Perhaps your money would be better spent on a set of air bags for the truck.


----------



## tcoyle2 (Dec 3, 2007)

Oregon_Camper said:


> You sure it is the hitch bars and not your truck that is causing the problem?
> 
> Perhaps your money would be better spent on a set of air bags for the truck.


Thanks for the feedback. I am sure you are correct. Every thing is raited for 1200# and I only have the problem when I need to make a run without dumping my tanks. Additionally, the problem is so small that I was looking for the best (least expensive) fix I could find.

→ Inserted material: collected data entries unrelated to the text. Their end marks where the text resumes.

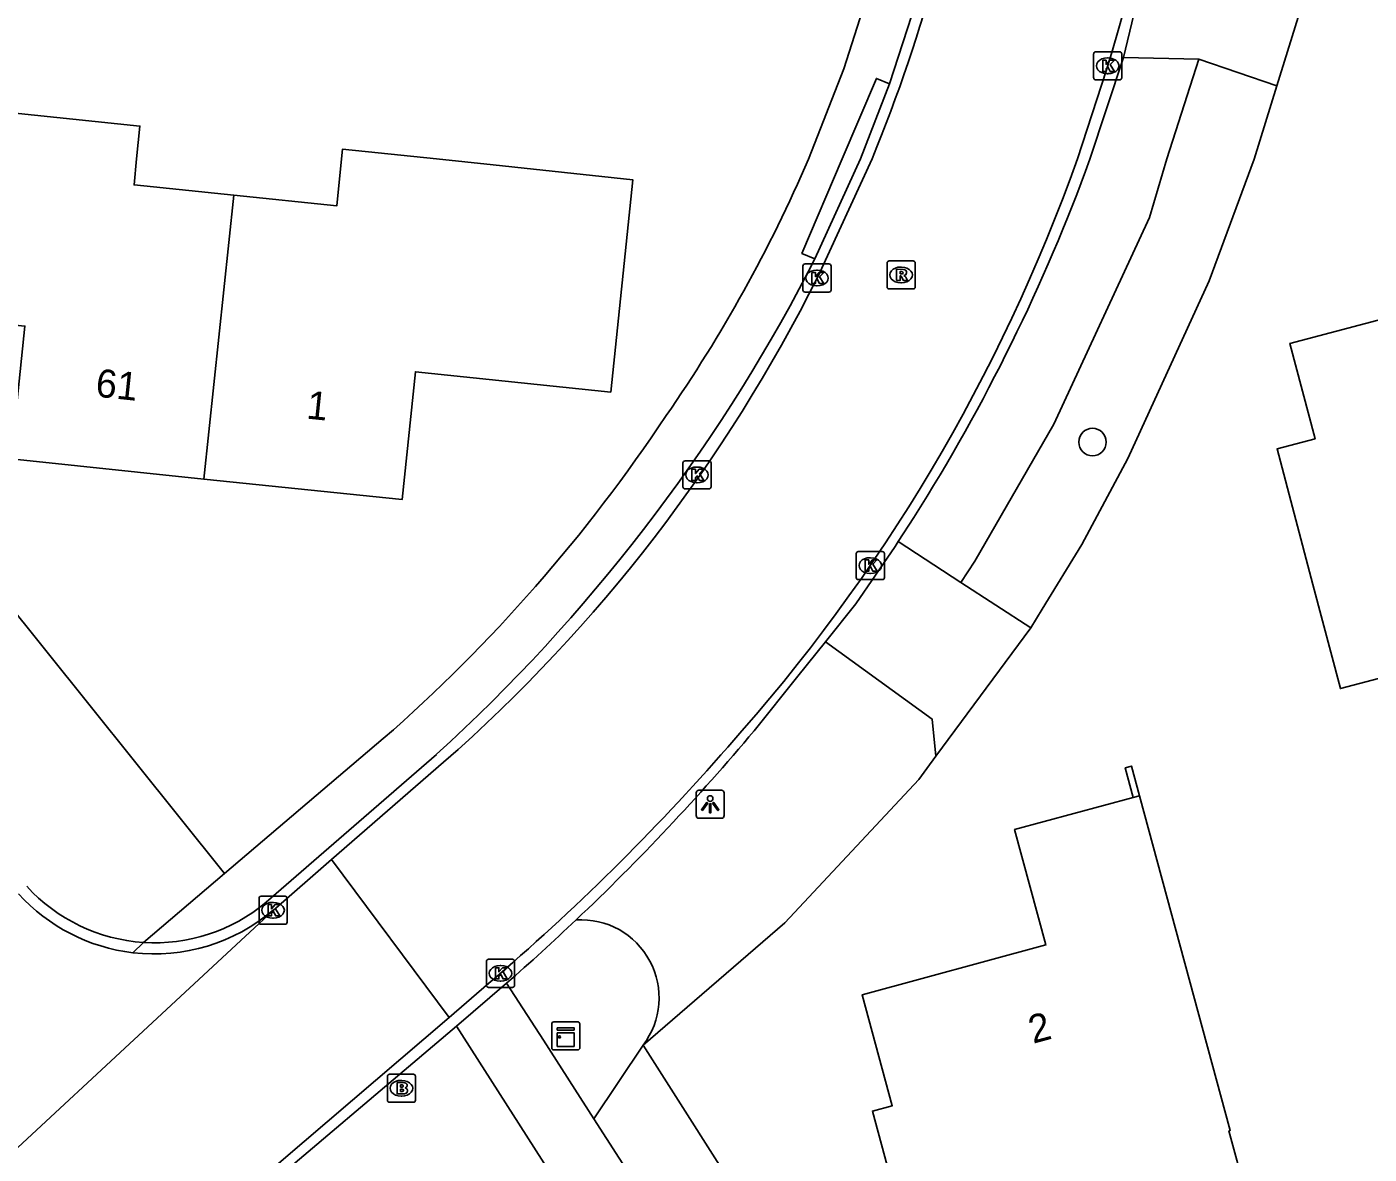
# Model space of a CAD drawing. Extents: x 162157 to 163165, y 378998 to 380775.
# Drawn here: x 162684.3 to 162732.07, y 380214.57 to 380254.7 of the extents above; entities that cross this region are included whole.
import ezdxf

# ---------------------------------------------------------------- set-up
doc = ezdxf.new("R2010")
doc.units = 0
for name, color, linetype in [('IMGEO_Berm_groen', 7, 'Continuous'), ('IMGEO_Boom', 7, 'Continuous'), ('IMGEO_Brandkraan', 7, 'Continuous'), ('IMGEO_Gemengd_bos', 7, 'Continuous'), ('IMGEO_Groenvoorziening', 7, 'Continuous'), ('IMGEO_Kast', 7, 'Continuous'), ('IMGEO_Kolk', 7, 'Continuous'), ('IMGEO_Lichtpunt', 7, 'Continuous'), ('IMGEO_Muur', 7, 'Continuous'), ('IMGEO_Pand', 7, 'Continuous'), ('IMGEO_Pand_nummerreeks', 7, 'Continuous'), ('IMGEO_Rijbaan_lokaal_gesloten', 7, 'Continuous'), ('IMGEO_Rijbaan_lokaal_open', 7, 'Continuous'), ('IMGEO_Rioolput', 7, 'Continuous'), ('IMGEO_Voetpad_open', 7, 'Continuous')]:
    doc.layers.add(name, color=color, linetype=linetype)

msp = doc.modelspace()

# ---------------------------------------------------------------- linework, layer by layer
at = {"layer": 'IMGEO_Berm_groen'}
for points in [[(162717.542, 380234.926), (162718.034, 380235.684), (162720.848, 380240.557), (162724.25, 380247.911), (162724.87, 380250), (162726.015, 380253.554)], [(162706.233, 380218.452), (162711.278, 380222.808), (162716.04, 380227.906), (162716.33, 380228.299), (162716.656, 380228.741)]]:
    msp.add_lwpolyline(points, dxfattribs=at)
msp.add_arc((162704.023, 380220.137), 2.779, 322.6763, 93.5967, dxfattribs=at)
at = {"layer": 'IMGEO_Boom'}
msp.add_circle((162722.227, 380239.922), 0.489, dxfattribs=at)
at = {"layer": 'IMGEO_Brandkraan'}
for p, q in [((162697.207, 380217.418), (162698.059, 380217.418)), ((162697.132, 380216.492), (162697.132, 380217.344)), ((162697.62, 380217.198), (162697.645, 380217.198)), ((162698.133, 380217.344), (162698.133, 380216.492)), ((162698.059, 380216.418), (162697.207, 380216.418)), ((162697.643, 380216.638), (162697.618, 380216.638))]:
    msp.add_line(p, q, dxfattribs=at)
for points in [[(162697.207, 380217.418), (162698.059, 380217.418)], [(162697.132, 380216.492), (162697.132, 380217.344)], [(162697.48, 380217.118), (162697.48, 380216.718), (162697.693, 380216.718)], [(162697.711, 380217.118), (162697.48, 380217.118)], [(162697.659, 380217.037), (162697.605, 380217.037), (162697.605, 380216.961)], [(162697.605, 380216.961), (162697.658, 380216.961)], [(162697.667, 380216.885), (162697.605, 380216.885), (162697.605, 380216.804)], [(162698.133, 380217.344), (162698.133, 380216.492)], [(162698.059, 380216.418), (162697.207, 380216.418)], [(162697.605, 380216.804), (162697.667, 380216.804)]]:
    msp.add_lwpolyline(points, dxfattribs=at)
for centre, radius, start, end in [((162697.209, 380217.342), 0.0765, 91.552, 178.448), ((162697.209, 380217.342), 0.0765, 91.552, 178.448), ((162698.057, 380217.342), 0.0765, 1.552, 88.448), ((162698.057, 380217.342), 0.0765, 1.552, 88.448), ((162697.66, 380216.999), 0.0379, 267.8285, 90.9355), ((162697.668, 380216.844), 0.0404, 269.8759, 90.5077), ((162697.715, 380216.973), 0.145, 59.4692, 91.5367), ((162697.74, 380217.02), 0.0922, 285.5137, 58.1501), ((162697.745, 380216.828), 0.105, 301.3115, 78.989), ((162697.209, 380216.494), 0.0765, 181.552, 268.448), ((162697.209, 380216.494), 0.0765, 181.552, 268.448), ((162697.699, 380216.969), 0.251, 268.6676, 293.5347), ((162698.057, 380216.494), 0.0765, 271.552, 358.448), ((162698.057, 380216.494), 0.0765, 271.552, 358.448)]:
    msp.add_arc(centre, radius, start, end, dxfattribs=at)
for centre, major_axis, ratio, start_param, end_param in [((162697.619, 380216.918), (-0.387, 0.002), 0.722429, 4.712389, 7.853982), ((162697.644, 380216.918), (-0.39, 0.002), 0.717154, 1.570796, 4.712389)]:
    msp.add_ellipse(centre, major_axis=major_axis, ratio=ratio, start_param=start_param, end_param=end_param, dxfattribs=at)
at = {"layer": 'IMGEO_Gemengd_bos'}
for points in [[(162706.233, 380218.452), (162718.287, 380199.505), (162748.489, 380207.589), (162771.731, 380247.855), (162782.999, 380245.41)], [(162704.484, 380215.83), (162706.233, 380218.452)]]:
    msp.add_lwpolyline(points, dxfattribs=at)
at = {"layer": 'IMGEO_Groenvoorziening'}
for points in [[(162720.027, 380233.312), (162720.429, 380233.968), (162721.842, 380236.275), (162723.48, 380239.34), (162726.374, 380245.66), (162727.974, 380249.988), (162728.785, 380252.601)], [(162691.34, 380224.566), (162683.353, 380234.524)]]:
    msp.add_lwpolyline(points, dxfattribs=at)
at = {"layer": 'IMGEO_Kast'}
for p, q in [((162703.056, 380219.281), (162703.897, 380219.281)), ((162703.897, 380219.281), (162703.056, 380219.281)), ((162702.981, 380218.356), (162702.981, 380219.197)), ((162702.981, 380219.197), (162702.981, 380218.356)), ((162703.981, 380219.206), (162703.981, 380218.365)), ((162703.981, 380218.365), (162703.981, 380219.206)), ((162703.906, 380218.281), (162703.065, 380218.281)), ((162703.065, 380218.281), (162703.906, 380218.281))]:
    msp.add_line(p, q, dxfattribs=at)
for points in [[(162703.176, 380219.071), (162703.776, 380219.071), (162703.776, 380218.986), (162703.176, 380218.986), (162703.176, 380219.071)], [(162703.176, 380218.896), (162703.776, 380218.896), (162703.776, 380218.407), (162703.176, 380218.407), (162703.176, 380218.896)]]:
    msp.add_lwpolyline(points, dxfattribs=at)
msp.add_circle((162703.26, 380218.745), 0.0377, dxfattribs=at)
for centre, start, end in [((162703.059, 380219.203), 92.4484, 184.2845), ((162703.059, 380219.203), 92.4484, 184.2845), ((162703.903, 380219.203), 2.4484, 94.2845), ((162703.903, 380219.203), 2.4484, 94.2845), ((162703.059, 380218.359), 182.4484, 274.2845), ((162703.059, 380218.359), 182.4484, 274.2845), ((162703.903, 380218.359), 272.4484, 4.2845), ((162703.903, 380218.359), 272.4484, 4.2845)]:
    msp.add_arc(centre, 0.0779, start, end, dxfattribs=at)
at = {"layer": 'IMGEO_Kolk'}
for p, q in [((162722.267, 380252.888), (162722.267, 380253.74)), ((162722.342, 380253.814), (162723.194, 380253.814)), ((162723.268, 380253.74), (162723.268, 380252.888)), ((162722.755, 380253.594), (162722.78, 380253.594)), ((162723.194, 380252.814), (162722.342, 380252.814)), ((162722.778, 380253.034), (162722.753, 380253.034)), ((162711.921, 380245.333), (162711.921, 380246.185)), ((162711.996, 380246.259), (162712.848, 380246.259)), ((162712.409, 380246.039), (162712.434, 380246.039)), ((162712.922, 380246.185), (162712.922, 380245.333)), ((162712.848, 380245.259), (162711.996, 380245.259)), ((162712.432, 380245.479), (162712.407, 380245.479)), ((162707.65, 380238.326), (162707.65, 380239.178)), ((162707.725, 380239.252), (162708.577, 380239.252)), ((162708.138, 380239.032), (162708.163, 380239.032)), ((162708.651, 380239.178), (162708.651, 380238.326)), ((162708.161, 380238.472), (162708.136, 380238.472)), ((162708.577, 380238.252), (162707.725, 380238.252)), ((162713.892, 380236.023), (162714.744, 380236.023)), ((162713.817, 380235.097), (162713.817, 380235.949)), ((162714.305, 380235.803), (162714.33, 380235.803)), ((162714.818, 380235.949), (162714.818, 380235.097)), ((162714.328, 380235.243), (162714.303, 380235.243)), ((162714.744, 380235.023), (162713.892, 380235.023)), ((162692.564, 380222.828), (162692.564, 380223.68)), ((162692.639, 380223.754), (162693.491, 380223.754)), ((162693.565, 380223.68), (162693.565, 380222.828)), ((162693.052, 380223.534), (162693.077, 380223.534)), ((162693.491, 380222.754), (162692.639, 380222.754)), ((162693.075, 380222.974), (162693.05, 380222.974)), ((162700.656, 380220.583), (162700.656, 380221.435)), ((162700.731, 380221.509), (162701.583, 380221.509)), ((162701.144, 380221.289), (162701.169, 380221.289)), ((162701.657, 380221.435), (162701.657, 380220.583)), ((162701.167, 380220.729), (162701.142, 380220.729)), ((162701.583, 380220.509), (162700.731, 380220.509))]:
    msp.add_line(p, q, dxfattribs=at)
for points in [[(162722.267, 380252.888), (162722.267, 380253.74)], [(162722.342, 380253.814), (162723.194, 380253.814)], [(162723.268, 380253.74), (162723.268, 380252.888)], [(162722.588, 380253.514), (162722.711, 380253.514), (162722.711, 380253.363), (162722.841, 380253.514), (162723.005, 380253.514), (162722.859, 380253.363), (162723.012, 380253.114), (162722.86, 380253.114), (162722.775, 380253.278), (162722.711, 380253.211), (162722.711, 380253.114), (162722.588, 380253.114), (162722.588, 380253.514)], [(162723.194, 380252.814), (162722.342, 380252.814)], [(162711.921, 380245.333), (162711.921, 380246.185)], [(162711.996, 380246.259), (162712.848, 380246.259)], [(162712.922, 380246.185), (162712.922, 380245.333)], [(162712.242, 380245.959), (162712.365, 380245.959), (162712.365, 380245.808), (162712.495, 380245.959), (162712.659, 380245.959), (162712.513, 380245.808), (162712.666, 380245.559), (162712.514, 380245.559), (162712.429, 380245.723), (162712.365, 380245.656), (162712.365, 380245.559), (162712.242, 380245.559), (162712.242, 380245.959)], [(162712.848, 380245.259), (162711.996, 380245.259)], [(162707.65, 380238.326), (162707.65, 380239.178)], [(162707.725, 380239.252), (162708.577, 380239.252)], [(162707.971, 380238.952), (162708.094, 380238.952), (162708.094, 380238.801), (162708.224, 380238.952), (162708.388, 380238.952), (162708.242, 380238.801), (162708.395, 380238.552), (162708.243, 380238.552), (162708.158, 380238.716), (162708.094, 380238.649), (162708.094, 380238.552), (162707.971, 380238.552), (162707.971, 380238.952)], [(162708.651, 380239.178), (162708.651, 380238.326)], [(162708.577, 380238.252), (162707.725, 380238.252)], [(162713.892, 380236.023), (162714.744, 380236.023)], [(162713.817, 380235.097), (162713.817, 380235.949)], [(162714.138, 380235.723), (162714.261, 380235.723), (162714.261, 380235.572), (162714.391, 380235.723), (162714.555, 380235.723), (162714.409, 380235.572), (162714.562, 380235.323), (162714.41, 380235.323), (162714.325, 380235.487), (162714.261, 380235.42), (162714.261, 380235.323), (162714.138, 380235.323), (162714.138, 380235.723)], [(162714.818, 380235.949), (162714.818, 380235.097)], [(162714.744, 380235.023), (162713.892, 380235.023)], [(162692.564, 380222.828), (162692.564, 380223.68)], [(162692.639, 380223.754), (162693.491, 380223.754)], [(162693.565, 380223.68), (162693.565, 380222.828)], [(162692.885, 380223.454), (162693.008, 380223.454), (162693.008, 380223.303), (162693.138, 380223.454), (162693.302, 380223.454), (162693.156, 380223.303), (162693.309, 380223.054), (162693.157, 380223.054), (162693.072, 380223.218), (162693.008, 380223.151), (162693.008, 380223.054), (162692.885, 380223.054), (162692.885, 380223.454)], [(162693.491, 380222.754), (162692.639, 380222.754)], [(162700.656, 380220.583), (162700.656, 380221.435)], [(162700.731, 380221.509), (162701.583, 380221.509)], [(162700.977, 380221.209), (162701.1, 380221.209), (162701.1, 380221.058), (162701.23, 380221.209), (162701.394, 380221.209), (162701.248, 380221.058), (162701.401, 380220.809), (162701.249, 380220.809), (162701.164, 380220.973), (162701.1, 380220.906), (162701.1, 380220.809), (162700.977, 380220.809), (162700.977, 380221.209)], [(162701.657, 380221.435), (162701.657, 380220.583)], [(162701.583, 380220.509), (162700.731, 380220.509)]]:
    msp.add_lwpolyline(points, dxfattribs=at)
for centre, start, end in [((162722.344, 380253.738), 91.552, 178.448), ((162722.344, 380253.738), 91.552, 178.448), ((162723.192, 380253.738), 1.552, 88.448), ((162723.192, 380253.738), 1.552, 88.448), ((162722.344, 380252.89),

I can obtain a 1400# hitch for around $150 and then sell my 1000# for something.

If you have any additional thoughts I would be greatful.

Where in Oregon are you located? My son lives in Portland and we spent three weeks in his driveway each year and a few day fishing between Portland and Nampa Idaho.

Regards

tim


----------



## Nathan (Jan 2, 2007)

I'd be suprised if you really need over 1000 lb bars for a 26KRS trailer? Have you tried just re-adjusting the hitch? It might be time you weighed things fully loaded and see what you are really towing...

The other question is do you have the GM factory hitch? Those were notoriously weak for years and would not transfer weight well and would eventually crack. You might be able to solve your problems with a hitch replacement. BTW, if it is the hith, the heavier bars will not help...


----------



## gonewild (Mar 13, 2009)

X2 on what Nathan said. The factory hitch is a piece of junk, I had the same problem. Combine that with the soft rear springs of the 1500 and you are in for some serious sagging. I solved my problem with an Ultra Frame class IV hitch. It distributed the weight forward like it needs to be.


----------



## thefulminator (Aug 8, 2007)

Is your 2007 truck the old or new body style? The old ones were known for the springy receiver problem. I had that on my 1999. Replaced the stock hitch with a Putnam XDR class V and all the bounce went away. Putnam is no longer in business but Curt took over the XDR design for their class V. I liked the Putnam so much I put it on my new 2009 since it fit. It didn't take me more than an hour to swap mine out.


----------



## tcoyle2 (Dec 3, 2007)

Thanks to all who have responded.

My truck is the old body style. I weigh the rig each time I take it on an extended vacation. Loaded the truck, including trailer tounge weight is 6120 and the trailer is 5960. This puts the rig inside all specs for the truck.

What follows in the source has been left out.